Only the pictures are dropped. Restate each line below word for word.

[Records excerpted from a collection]
_ _ _ _ _
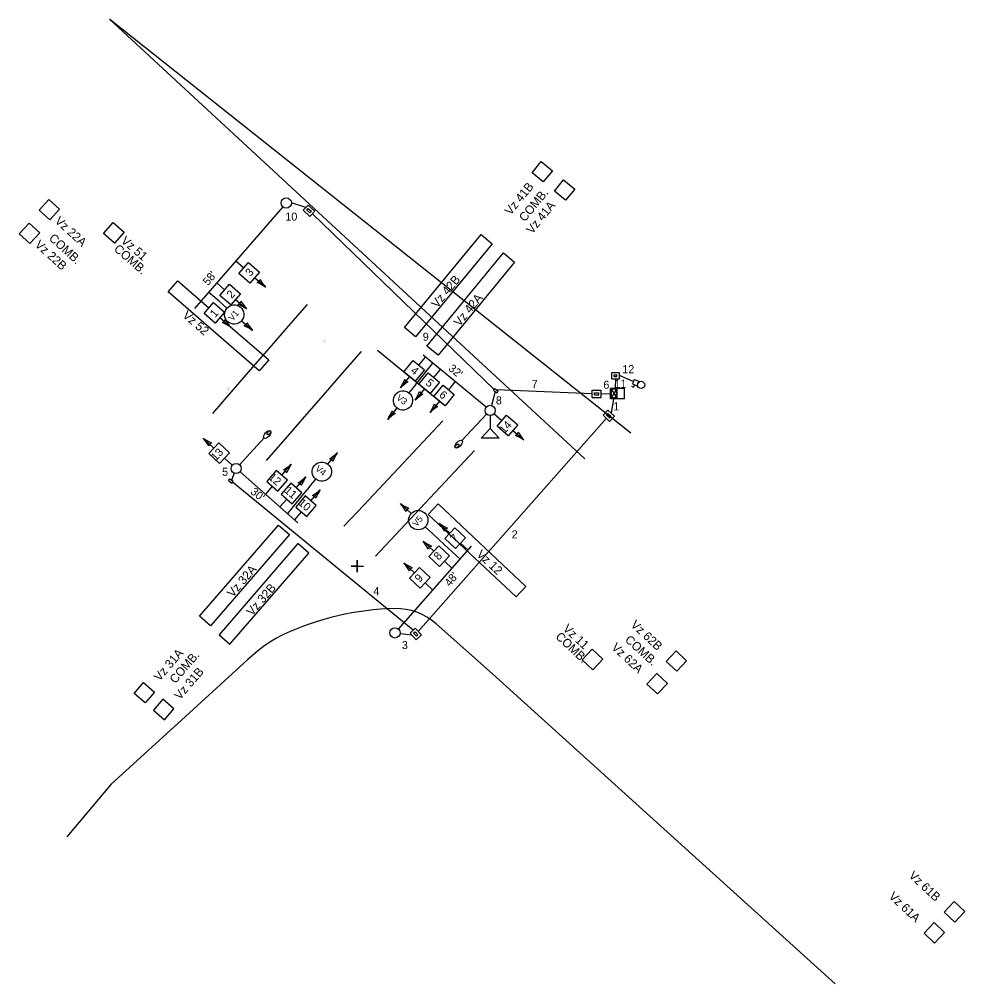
# Model space of a CAD drawing. Extents: x 973817 to 2958182, y 703625 to 1593455.
# Drawn here: x 976455 to 976847, y 705316.5 to 705716.5 of the extents above; entities that cross this region are included whole.
import ezdxf

# ---------------------------------------------------------------- set-up
doc = ezdxf.new("R2010")
doc.units = 0
for name, color, linetype in [('R_Fin Surface', 7, 'Continuous'), ('S_EDGE_PAVEMENT', 7, 'Continuous'), ('S_PAVEMENT_CROWN', 7, 'Continuous'), ('T_Conduit', 7, 'Continuous'), ('T_Detection Annot', 7, 'Continuous'), ('T_Detection Zones', 7, 'Continuous'), ('T_Drafting', 7, 'Continuous'), ('T_Indications', 7, 'Continuous'), ('T_Mast Arm', 7, 'Continuous')]:
    doc.layers.add(name, color=color, linetype=linetype)

msp = doc.modelspace()

# ---------------------------------------------------------------- linework, layer by layer
at = {"layer": 'R_Fin Surface'}
for p, q in [((976566.66, 705589.15), (976574.54, 705598.21)), ((976558.79, 705580.1), (976566.66, 705589.15)), ((976550.92, 705571.04), (976558.79, 705580.1)), ((976589.03, 705569.7), (976596.9, 705578.76)), ((976612.77, 705571.52), (976603.5, 705579.14)), ((976543.04, 705561.98), (976550.92, 705571.04)), ((976622.04, 705563.9), (976612.77, 705571.52)), ((976581.16, 705560.65), (976589.03, 705569.7)), ((976631.31, 705556.28), (976622.04, 705563.9)), ((976535.17, 705552.93), (976543.04, 705561.98)), ((976573.28, 705551.59), (976581.16, 705560.65)), ((976565.41, 705542.54), (976573.28, 705551.59)), ((976622.42, 705541.2), (976630.64, 705549.95)), ((976557.53, 705533.48), (976565.41, 705542.54)), ((976614.21, 705532.45), (976622.42, 705541.2)), ((976635.56, 705528.87), (976643.77, 705537.62)), ((976606, 705523.7), (976614.21, 705532.45)), ((976627.35, 705520.12), (976635.56, 705528.87)), ((976597.78, 705514.95), (976606, 705523.7)), ((976619.13, 705511.37), (976627.35, 705520.12)), ((976589.57, 705506.2), (976597.78, 705514.95)), ((976610.92, 705502.62), (976619.13, 705511.37)), ((976602.71, 705493.87), (976610.92, 705502.62))]:
    msp.add_line(p, q, dxfattribs=at)
for points in [[(976627.79, 705465.8), (976651.26, 705445.05), (976793.32, 705316.53)], [(976553.78, 705454.43), (976549.69, 705451), (976523.84, 705427.4), (976492.98, 705399.12), (976474.69, 705377.5)]]:
    msp.add_lwpolyline(points, dxfattribs=at)
for centre, radius, start, end in [((976613.14, 705357.1), 115, 91.2175, 115.0085), ((976611.23, 705447.08), 25, 48.5105, 91.2175), ((976585.9, 705416.11), 50, 115.3067, 129.9723)]:
    msp.add_arc(centre, radius, start, end, dxfattribs=at)
at = {"layer": 'S_EDGE_PAVEMENT'}
msp.add_lwpolyline([(976595.14, 705489.73), (976595.14, 705492.23), (976595.14, 705489.73), (976592.64, 705489.73), (976595.14, 705489.73), (976595.14, 705487.23), (976595.14, 705489.73), (976597.64, 705489.73)], dxfattribs=at)
at = {"layer": 'S_PAVEMENT_CROWN'}
for p, q in [((976492.45, 705716.47), (976689.49, 705534.24)), ((976708.53, 705544.9), (976492.53, 705716.4))]:
    msp.add_line(p, q, dxfattribs=at)
at = {"layer": 'T_Conduit'}
for p, q in [((976573.74, 705638.36), (976567.82, 705640.3)), ((976651.89, 705562.99), (976576.5, 705635.82)), ((976702.22, 705567.32), (976701.99, 705563.42)), ((976709.58, 705566.21), (976703.81, 705568.68)), ((976692.51, 705561.21), (976652.86, 705562.82)), ((976652.35, 705562.06), (976650.72, 705556.33)), ((976696.26, 705561.15), (976700.15, 705561.25)), ((976701.4, 705559.09), (976700.36, 705553.14)), ((976698.39, 705550.99), (976620.36, 705462.59)), ((976544.15, 705528.18), (976543.03, 705525.4)), ((976618.28, 705463.11), (976543.43, 705524.51)), ((976617.81, 705461.03), (976612.86, 705461.64))]:
    msp.add_line(p, q, dxfattribs=at)
at = {"layer": 'T_Detection Zones'}
for points in [[(976672.21, 705649.03), (976667.57, 705652.84), (976671.38, 705657.47), (976676.02, 705653.66)], [(976681.49, 705641.42), (976676.85, 705645.23), (976680.66, 705649.86), (976685.3, 705646.05)], [(976471.72, 705637.67), (976467.68, 705633.24), (976463.24, 705637.28), (976467.28, 705641.71)], [(976463.47, 705627.87), (976459.43, 705623.43), (976454.99, 705627.47), (976459.03, 705631.91)], [(976489.94, 705627.61), (976493.88, 705632.14), (976498.41, 705628.2), (976494.47, 705623.67)], [(976614.69, 705588.6), (976646.45, 705627.22), (976651.09, 705623.41), (976619.33, 705584.79)], [(976623.96, 705580.98), (976655.72, 705619.6), (976660.36, 705615.78), (976628.6, 705577.17)], [(976566.98, 705502.82), (976534.32, 705464.96), (976529.77, 705468.89), (976562.44, 705506.74)], [(976570.47, 705499.05), (976537.8, 705461.2), (976542.34, 705457.28), (976575.01, 705495.13)], [(976688.42, 705450.85), (976692.53, 705455.23), (976696.91, 705451.12), (976692.8, 705446.75)], [(976723.21, 705450.18), (976727.32, 705454.55), (976731.69, 705450.44), (976727.59, 705446.07)], [(976715.23, 705440.79), (976719.34, 705445.17), (976723.71, 705441.06), (976719.61, 705436.69)], [(976506.55, 705441.4), (976511.09, 705437.48), (976507.17, 705432.94), (976502.63, 705436.86)], [(976519.06, 705430.55), (976514.52, 705434.47), (976510.6, 705429.93), (976515.14, 705426.01)], [(976838.5, 705346.18), (976842.6, 705350.55), (976846.98, 705346.44), (976842.87, 705342.07)], [(976830.16, 705337.55), (976834.32, 705341.87), (976838.64, 705337.72), (976834.49, 705333.39)]]:
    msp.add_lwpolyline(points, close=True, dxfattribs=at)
_ _ _ _ _
_RESULT_
# Model space of a CAD drawing. Extents: x 973817 to 2958182, y 703625 to 1593455.
# Drawn here: x 976455 to 976847, y 705316.5 to 705716.5 of the extents above; entities that cross this region are included whole.
import ezdxf

# ---------------------------------------------------------------- set-up
doc = ezdxf.new("R2010")
doc.units = 0
for name, color, linetype in [('R_Fin Surface', 7, 'Continuous'), ('S_EDGE_PAVEMENT', 7, 'Continuous'), ('S_PAVEMENT_CROWN', 7, 'Continuous'), ('T_Conduit', 7, 'Continuous'), ('T_Detection Annot', 7, 'Continuous'), ('T_Detection Zones', 7, 'Continuous'), ('T_Drafting', 7, 'Continuous'), ('T_Indications', 7, 'Continuous'), ('T_Mast Arm', 7, 'Continuous')]:
    doc.layers.add(name, color=color, linetype=linetype)

msp = doc.modelspace()

# ---------------------------------------------------------------- linework, layer by layer
at = {"layer": 'R_Fin Surface'}
for p, q in [((976566.66, 705589.15), (976574.54, 705598.21)), ((976558.79, 705580.1), (976566.66, 705589.15)), ((976550.92, 705571.04), (976558.79, 705580.1)), ((976589.03, 705569.7), (976596.9, 705578.76)), ((976612.77, 705571.52), (976603.5, 705579.14)), ((976543.04, 705561.98), (976550.92, 705571.04)), ((976622.04, 705563.9), (976612.77, 705571.52)), ((976581.16, 705560.65), (976589.03, 705569.7)), ((976631.31, 705556.28), (976622.04, 705563.9)), ((976535.17, 705552.93), (976543.04, 705561.98)), ((976573.28, 705551.59), (976581.16, 705560.65)), ((976565.41, 705542.54), (976573.28, 705551.59)), ((976622.42, 705541.2), (976630.64, 705549.95)), ((976557.53, 705533.48), (976565.41, 705542.54)), ((976614.21, 705532.45), (976622.42, 705541.2)), ((976635.56, 705528.87), (976643.77, 705537.62)), ((976606, 705523.7), (976614.21, 705532.45)), ((976627.35, 705520.12), (976635.56, 705528.87)), ((976597.78, 705514.95), (976606, 705523.7)), ((976619.13, 705511.37), (976627.35, 705520.12)), ((976589.57, 705506.2), (976597.78, 705514.95)), ((976610.92, 705502.62), (976619.13, 705511.37)), ((976602.71, 705493.87), (976610.92, 705502.62))]:
    msp.add_line(p, q, dxfattribs=at)
for points in [[(976627.79, 705465.8), (976651.26, 705445.05), (976793.32, 705316.53)], [(976553.78, 705454.43), (976549.69, 705451), (976523.84, 705427.4), (976492.98, 705399.12), (976474.69, 705377.5)]]:
    msp.add_lwpolyline(points, dxfattribs=at)
for centre, radius, start, end in [((976613.14, 705357.1), 115, 91.2175, 115.0085), ((976611.23, 705447.08), 25, 48.5105, 91.2175), ((976585.9, 705416.11), 50, 115.3067, 129.9723)]:
    msp.add_arc(centre, radius, start, end, dxfattribs=at)
at = {"layer": 'S_EDGE_PAVEMENT'}
msp.add_lwpolyline([(976595.14, 705489.73), (976595.14, 705492.23), (976595.14, 705489.73), (976592.64, 705489.73), (976595.14, 705489.73), (976595.14, 705487.23), (976595.14, 705489.73), (976597.64, 705489.73)], dxfattribs=at)
at = {"layer": 'S_PAVEMENT_CROWN'}
for p, q in [((976492.45, 705716.47), (976689.49, 705534.24)), ((976708.53, 705544.9), (976492.53, 705716.4))]:
    msp.add_line(p, q, dxfattribs=at)
at = {"layer": 'T_Conduit'}
for p, q in [((976573.74, 705638.36), (976567.82, 705640.3)), ((976651.89, 705562.99), (976576.5, 705635.82)), ((976702.22, 705567.32), (976701.99, 705563.42)), ((976709.58, 705566.21), (976703.81, 705568.68)), ((976692.51, 705561.21), (976652.86, 705562.82)), ((976652.35, 705562.06), (976650.72, 705556.33)), ((976696.26, 705561.15), (976700.15, 705561.25)), ((976701.4, 705559.09), (976700.36, 705553.14)), ((976698.39, 705550.99), (976620.36, 705462.59)), ((976544.15, 705528.18), (976543.03, 705525.4)), ((976618.28, 705463.11), (976543.43, 705524.51)), ((976617.81, 705461.03), (976612.86, 705461.64))]:
    msp.add_line(p, q, dxfattribs=at)
at = {"layer": 'T_Detection Zones'}
for points in [[(976672.21, 705649.03), (976667.57, 705652.84), (976671.38, 705657.47), (976676.02, 705653.66)], [(976681.49, 705641.42), (976676.85, 705645.23), (976680.66, 705649.86), (976685.3, 705646.05)], [(976471.72, 705637.67), (976467.68, 705633.24), (976463.24, 705637.28), (976467.28, 705641.71)], [(976463.47, 705627.87), (976459.43, 705623.43), (976454.99, 705627.47), (976459.03, 705631.91)], [(976489.94, 705627.61), (976493.88, 705632.14), (976498.41, 705628.2), (976494.47, 705623.67)], [(976614.69, 705588.6), (976646.45, 705627.22), (976651.09, 705623.41), (976619.33, 705584.79)], [(976623.96, 705580.98), (976655.72, 705619.6), (976660.36, 705615.78), (976628.6, 705577.17)], [(976566.98, 705502.82), (976534.32, 705464.96), (976529.77, 705468.89), (976562.44, 705506.74)], [(976570.47, 705499.05), (976537.8, 705461.2), (976542.34, 705457.28), (976575.01, 705495.13)], [(976688.42, 705450.85), (976692.53, 705455.23), (976696.91, 705451.12), (976692.8, 705446.75)], [(976723.21, 705450.18), (976727.32, 705454.55), (976731.69, 705450.44), (976727.59, 705446.07)], [(976715.23, 705440.79), (976719.34, 705445.17), (976723.71, 705441.06), (976719.61, 705436.69)], [(976506.55, 705441.4), (976511.09, 705437.48), (976507.17, 705432.94), (976502.63, 705436.86)], [(976519.06, 705430.55), (976514.52, 705434.47), (976510.6, 705429.93), (976515.14, 705426.01)], [(976838.5, 705346.18), (976842.6, 705350.55), (976846.98, 705346.44), (976842.87, 705342.07)], [(976830.16, 705337.55), (976834.32, 705341.87), (976838.64, 705337.72), (976834.49, 705333.39)]]:
    msp.add_lwpolyline(points, close=True, dxfattribs=at)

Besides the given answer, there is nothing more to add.